Be careful what you pipe to and from

An error came up where a data frame was being piped to a function that did not accept a data frame as an argument (it accepted a vector)

# starwars data frame was loaded earlier with the ggplot2 package

starwars |>  
  dplyr::n_distinct(species) 
Error in list2(...): object 'species' not found
  • starwars is a data frame.
  • dplyr::n_distinct() only accepts a vector as an argument (check the help ?dplyr::n_distinct)

So we need to pipe a vector to the dplyr::n_distinct() function:

starwars |> 
  dplyr::select(species) |> 
  dplyr::n_distinct() 
[1] 38

dplyr::select() accepts a data frame as its first argument and it return a vector (see the help ?dplyr::select) which we can then pipe to dplyr::n_distinct().

The %>% or |> takes the output of the expression on its left and passes it as the first argument to the function on its right. The class / type of output on the left needs to agree or be acceptable as the first argument to the function on the right.

Other muddy points

  • Remembering applicable functions. Troubleshooting.
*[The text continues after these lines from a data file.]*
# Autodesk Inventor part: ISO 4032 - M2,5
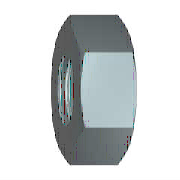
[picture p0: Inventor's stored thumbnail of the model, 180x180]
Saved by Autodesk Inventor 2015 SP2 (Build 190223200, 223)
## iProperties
Created: 2012-02
Part Number: ISO 4032 - M2,5
Material: Edelstahl, 440C
Description: Sechskantmuttern, Typ 1 - Produktklasse A und B
Document SubType Name: Modeling
Standard: ISO 4032
Designer: rYan
Standard Revision: Third edition 1999-08-15
Standards Organization: ISO
Language: de-DE
Size Designation: M2,5
Categories: <MemberInstance><Categories><Category DisplayName="Verbindungselemente" InternalName="e4da775c-781d-43d5-af7c-5136215cf5a6" Mnemonic="FSTN"><Category DisplayNam
Density: 7.75 g/cm^3
Appearance: Halbpoliert
IsCustomPart: 0
Author: rYan
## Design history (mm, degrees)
sketch "Skizze1"
  geometry: L1 (-2.887, 0)-(-1.443, 2.5); L2 (-1.443, 2.5)-(1.443, 2.5); L3 (1.443, 2.5)-(2.887, 0); L4 (2.887, 0)-(1.443, -2.5); L5 (1.443, -2.5)-(-1.443, -2.5); L6 (-1.443, -2.5)-(-2.887, 0); 2 further points
  constraints: 12 end point, 1 coincident, 1 horizontal, 11 other
  dimensions: "d0" = 5.7735 distance of L3.end L1.start (= 1.1547 x SW)
extrude "Körper" new body sketch "Skizze1" distance "d1" = 2 (= KOH); taper "d2" = 0 deg
sketch "Skizze2"
  geometry: L1 (0, 1.443)-(0, 2.887) reference; L2 (0, 2.887)-(2, 2.887) reference; L3 (2, 1.443)-(2, 2.887) reference; L4 (-0.4, 0)-(2.4, 0) reference; L5 (0.483, 2.887)-(0, 2.05); L6 (1.517, 2.887)-(2, 2.05)
  constraints: 4 end point, 4 point on line
  dimensions: "d3" = 30 deg angle of L1 L5 (= ANG1); "d4" = 30 deg angle of L3 L6 (= ANG2); "d5" = 4.1 diameter of L5.end L4 (= SW0); "d6" = 4.1 diameter of L6.end L4 (= SW01)
revolve "Fase1" sketch "Skizze2" stored, may be unused: angle "d7" = 90 deg
sketch "Skizze3"
  geometry: 4 further points
  constraints: 1 coincident, 1 other
hole "Gewinde" sketch "Skizze3" at (0, 0) diameter "d25" = 2.013; stored, may be unused: countersink angle "d29" = 82 deg, drill point angle "d31" = 118 deg; dims "d26" = 6, "d27" = 4, "d28" = 2, "d30" = 8
workaxis "Work Axis1"
workplane "Work Plane1"
body "Solid1"
chamfer "Fase2" distance "d8" = 0.24357 (= -0.5 x GD1 + 0.5 x NND); stored, may be unused: angle "d9" = 30 deg, second distance "d40" = 0.24357 (= -0.5 x GD1 + 0.5 x NND)
chamfer "Fase3" distance "d10" = 0.24357 (= -0.5 x GD1 + 0.5 x NND); stored, may be unused: angle "d11" = 30 deg, second distance "d41" = 0.24357 (= -0.5 x GD1 + 0.5 x NND)
other parameters: "ANG1" = 30 deg [user parameter; used in 1 equation term], "ANG2" = 30 deg [user parameter; used in 1 equation term], "NND" = 2.5 [user parameter; used in 4 equation terms], "KOH" = 2 [user parameter; used in 1 equation term], "SW" = 5 [user parameter; used in 2 equation terms], "SW0" = 4.1 [user parameter; used in 2 equation terms], "SW01" = 4.1 (= SW0) [user parameter; used in 1 equation term], "GD1" = 2.01286 (computed from THREADDIA, PTC, TOA) [user parameter; used in 4 equation terms], "d13" = 0, "d14" = 0, "d39" = 0, "d42" = 0, "GUL" = 0.24357 (= 0.541266 x PTC) [user parameter], "TPU" = 22.22222 (computed from PTC) [user parameter], "THREADDIA" = 2.5 [user parameter; used in 1 equation term], "TOA" = 30 deg [user parameter; used in 1 equation term], "PTC" = 0.45 [user parameter; used in 4 equation terms], "E0" = 5.775 (= 1.155 x SW) [user parameter], "GAL" = 0.24357 (= 0.541266 x PTC) [user parameter]
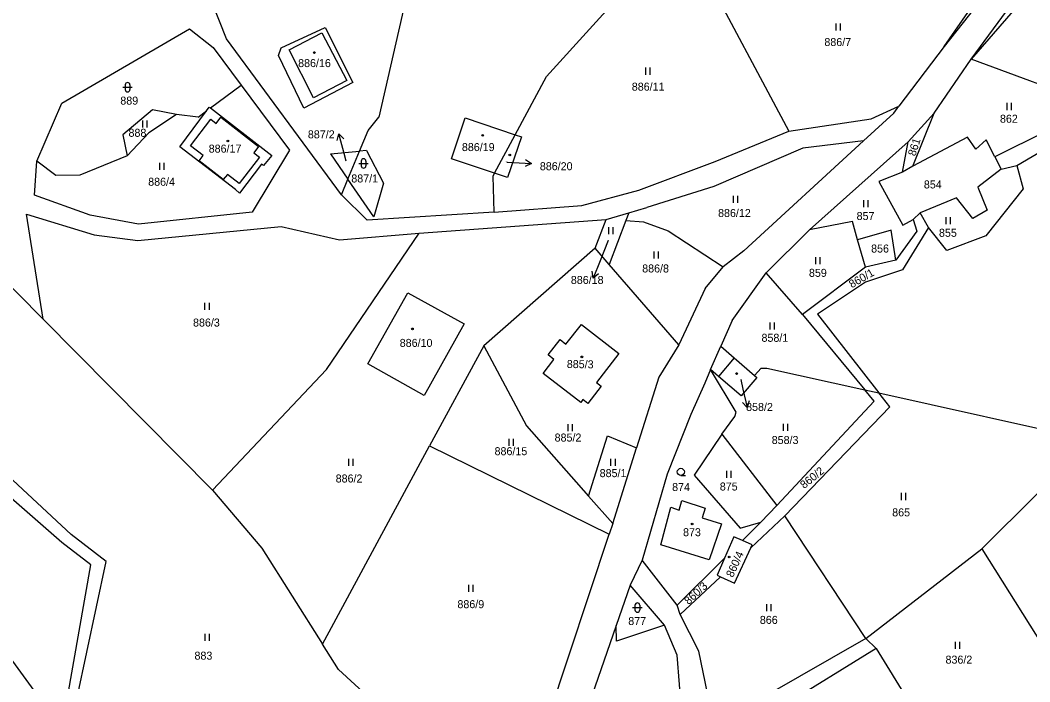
# Model space of a CAD drawing. Extents: x -670359 to -668019, y -978807 to -976674.
# Drawn here: x -669351.9 to -669137.4, y -977619.9 to -977479.4 of the extents above; entities that cross this region are included whole.
import ezdxf

# ---------------------------------------------------------------- set-up
doc = ezdxf.new("R2010")
doc.units = 0
for name, color, linetype in [('Hranice parcel', 7, 'Continuous'), ('Parcelní čísla', 7, 'Continuous'), ('Vnitřní kresba', 7, 'Continuous'), ('Značky budov', 7, 'Continuous'), ('Značky kultur', 7, 'Continuous')]:
    doc.layers.add(name, color=color, linetype=linetype)

msp = doc.modelspace()

# ---------------------------------------------------------------- linework, layer by layer
at = {"layer": 'Hranice parcel'}
for p, q in [((-669296.47, -977485.29), (-669287.14, -977480.93)), ((-669287.14, -977480.93), (-669281.27, -977492.61)), ((-669297.06, -977486.92), (-669296.47, -977485.29)), ((-669291.64, -977498.08), (-669297.06, -977486.92)), ((-669281.27, -977492.61), (-669291.64, -977498.08))]:
    msp.add_line(p, q, dxfattribs=at)
for points in [[(-669108.16, -977439.61), (-669149.88, -977487.66)], [(-669262.21, -977440.81), (-669275.7, -977499.98)], [(-669308.09, -977483.36), (-669317, -977460.78)], [(-669240.07, -977491.32), (-669212, -977460.35)], [(-669155.63, -977485.01), (-669142.12, -977465.6)], [(-669149.88, -977487.66), (-669133.84, -977465.83)], [(-669207.54, -977467.5), (-669188.62, -977502.97)], [(-669141.64, -977467.28), (-669155.63, -977485.01)], [(-669343.06, -977497.02), (-669315.95, -977481.19)], [(-669315.95, -977481.19), (-669310.92, -977485.22)], [(-669310.92, -977485.22), (-669305, -977493.18)], [(-669283.67, -977516.5), (-669308.09, -977483.36)], [(-669155.63, -977485.01), (-669165.21, -977497.66)], [(-669157.76, -977499.16), (-669149.88, -977487.66)], [(-669123.01, -977497.58), (-669149.88, -977487.66)], [(-669246.73, -977503.74), (-669240.07, -977491.32)], [(-669311.5, -977498.03), (-669305, -977493.18)], [(-669305, -977493.18), (-669294.73, -977507.01)], [(-669348.43, -977509.36), (-669343.06, -977497.02)], [(-669312.36, -977498.67), (-669311.75, -977497.84)], [(-669311.75, -977497.84), (-669311.5, -977498.03)], [(-669311.5, -977498.03), (-669298.5, -977508.1)], [(-669171.1, -977500.35), (-669165.21, -977497.66)], [(-669166.33, -977499.14), (-669165.21, -977497.66)], [(-669123.01, -977497.58), (-669144.82, -977508.4)], [(-669323.85, -977498.42), (-669330.14, -977503.73)], [(-669318.73, -977499.43), (-669324.63, -977503.3)], [(-669318.73, -977499.43), (-669323.85, -977498.42)], [(-669314.09, -977499.96), (-669318.73, -977499.43)], [(-669317.98, -977506.3), (-669312.36, -977498.67)], [(-669314.09, -977499.96), (-669312.36, -977498.67)], [(-669278.01, -977502.82), (-669275.7, -977499.98)], [(-669251.12, -977511.91), (-669260.28, -977508.84), (-669257.36, -977500.15)], [(-669257.36, -977500.15), (-669246.73, -977503.74)], [(-669166.33, -977499.14), (-669172.75, -977505.05)], [(-669163.23, -977505.23), (-669157.76, -977499.16)], [(-669162.29, -977510.43), (-669157.76, -977499.16)], [(-669140.19, -977510.25), (-669123.02, -977500.22)], [(-669188.62, -977502.97), (-669171.1, -977500.35)], [(-669330.14, -977503.73), (-669329.24, -977508.2)], [(-669324.63, -977503.3), (-669329.24, -977508.2)], [(-669279.84, -977507.23), (-669278.01, -977502.82)], [(-669251.12, -977511.91), (-669246.73, -977503.74)], [(-669246.73, -977503.74), (-669245.43, -977504.18), (-669248.36, -977512.84), (-669251.12, -977511.91)], [(-669204.3, -977509.42), (-669188.62, -977502.97)], [(-669150.65, -977504.22), (-669162.29, -977510.43)], [(-669148.9, -977506.79), (-669150.65, -977504.22)], [(-669306.22, -977515.38), (-669317.98, -977506.3)], [(-669185.65, -977506.58), (-669204.54, -977514.75)], [(-669198.14, -977528.41), (-669172.75, -977505.05)], [(-669172.75, -977505.05), (-669185.65, -977506.58)], [(-669184.19, -977523.89), (-669163.23, -977505.23)], [(-669164.45, -977511.7), (-669163.23, -977505.23)], [(-669146.65, -977504.79), (-669148.9, -977506.79)], [(-669144.82, -977508.4), (-669146.65, -977504.79)], [(-669329.24, -977508.2), (-669339.29, -977512.34)], [(-669294.73, -977507.01), (-669302.62, -977520.16)], [(-669298.5, -977508.1), (-669300.25, -977510.28)], [(-669285.98, -977507.78), (-669279.84, -977507.23)], [(-669285.98, -977507.78), (-669282.29, -977513.15)], [(-669282.29, -977513.15), (-669279.84, -977507.23)], [(-669278.38, -977507.1), (-669279.84, -977507.23)], [(-669278.38, -977507.1), (-669274.75, -977514.03)], [(-669144.82, -977508.4), (-669143.47, -977511.04)], [(-669348.91, -977516.54), (-669348.43, -977509.36)], [(-669344.33, -977512.37), (-669348.43, -977509.36)], [(-669300.64, -977509.97), (-669305.35, -977516.1)], [(-669300.25, -977510.28), (-669300.64, -977509.97)], [(-669220.45, -977515.51), (-669204.3, -977509.42)], [(-669162.29, -977510.43), (-669164.45, -977511.7)], [(-669143.47, -977511.04), (-669148.45, -977514.87)], [(-669143.47, -977511.04), (-669140.19, -977510.25)], [(-669140.19, -977510.25), (-669138.84, -977515.22)], [(-669339.29, -977512.34), (-669344.33, -977512.37)], [(-669283.67, -977516.5), (-669282.29, -977513.15)], [(-669276.79, -977521.15), (-669282.29, -977513.15)], [(-669251.43, -977512.49), (-669251.12, -977511.91)], [(-669251.24, -977520.17), (-669251.43, -977512.49)], [(-669164.45, -977511.7), (-669169.5, -977513.69)], [(-669274.75, -977514.03), (-669276.79, -977521.15)], [(-669204.54, -977514.75), (-669218.8, -977519.2)], [(-669169.5, -977513.69), (-669164.41, -977522.91)], [(-669148.45, -977514.87), (-669146.46, -977519.76)], [(-669138.84, -977515.22), (-669146.72, -977525.19)], [(-669337.08, -977520.79), (-669348.91, -977516.54)], [(-669305.35, -977516.1), (-669306.22, -977515.38)], [(-669278.22, -977521.9), (-669283.67, -977516.5)], [(-669232.6, -977518.73), (-669220.45, -977515.51)], [(-669153.02, -977517.1), (-669160.72, -977520.28)], [(-669149.51, -977521.51), (-669153.02, -977517.1)], [(-669251.24, -977520.17), (-669232.6, -977518.73)], [(-669222.6, -977520.3), (-669218.8, -977519.2)], [(-669347.06, -977542.92), (-669350.57, -977520.6)], [(-669350.57, -977520.6), (-669336.25, -977524.95)], [(-669326.83, -977522.73), (-669337.08, -977520.79)], [(-669302.62, -977520.16), (-669326.83, -977522.73)], [(-669251.24, -977520.17), (-669278.22, -977521.9)], [(-669267.17, -977524.66), (-669227.45, -977521.71)], [(-669229.76, -977527.85), (-669227.45, -977521.71)], [(-669227.45, -977521.71), (-669222.6, -977520.3)], [(-669222.6, -977520.3), (-669223.23, -977521.96)], [(-669164.41, -977522.91), (-669162.16, -977521.71)], [(-669160.72, -977520.28), (-669162.16, -977521.71)], [(-669162.16, -977521.71), (-669161.45, -977524.19)], [(-669158.97, -977523.4), (-669160.72, -977520.28)], [(-669146.46, -977519.76), (-669149.51, -977521.51)], [(-669326.97, -977526.2), (-669296.46, -977523.22)], [(-669296.46, -977523.22), (-669284.09, -977526.07)], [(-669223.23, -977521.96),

This gets better with experience. You are all still very new to R so be patient with yourself.

  • How to organize all of the material to understand the structure of how the R language works, rather than to keep track of all of the commands in an anecdotal way.

Again, I think that this gets better with experience. Though the R language, being open source, a lot of syntax is package dependent. So you need to be careful that some of the syntax we use with dplyr and the tidyverse will be different in base R or in other packages. This is something that comes with open source software (compared to Stata or SAS). The good news is that learning to use packages sets you up to better learn newer (to you) packages down the road.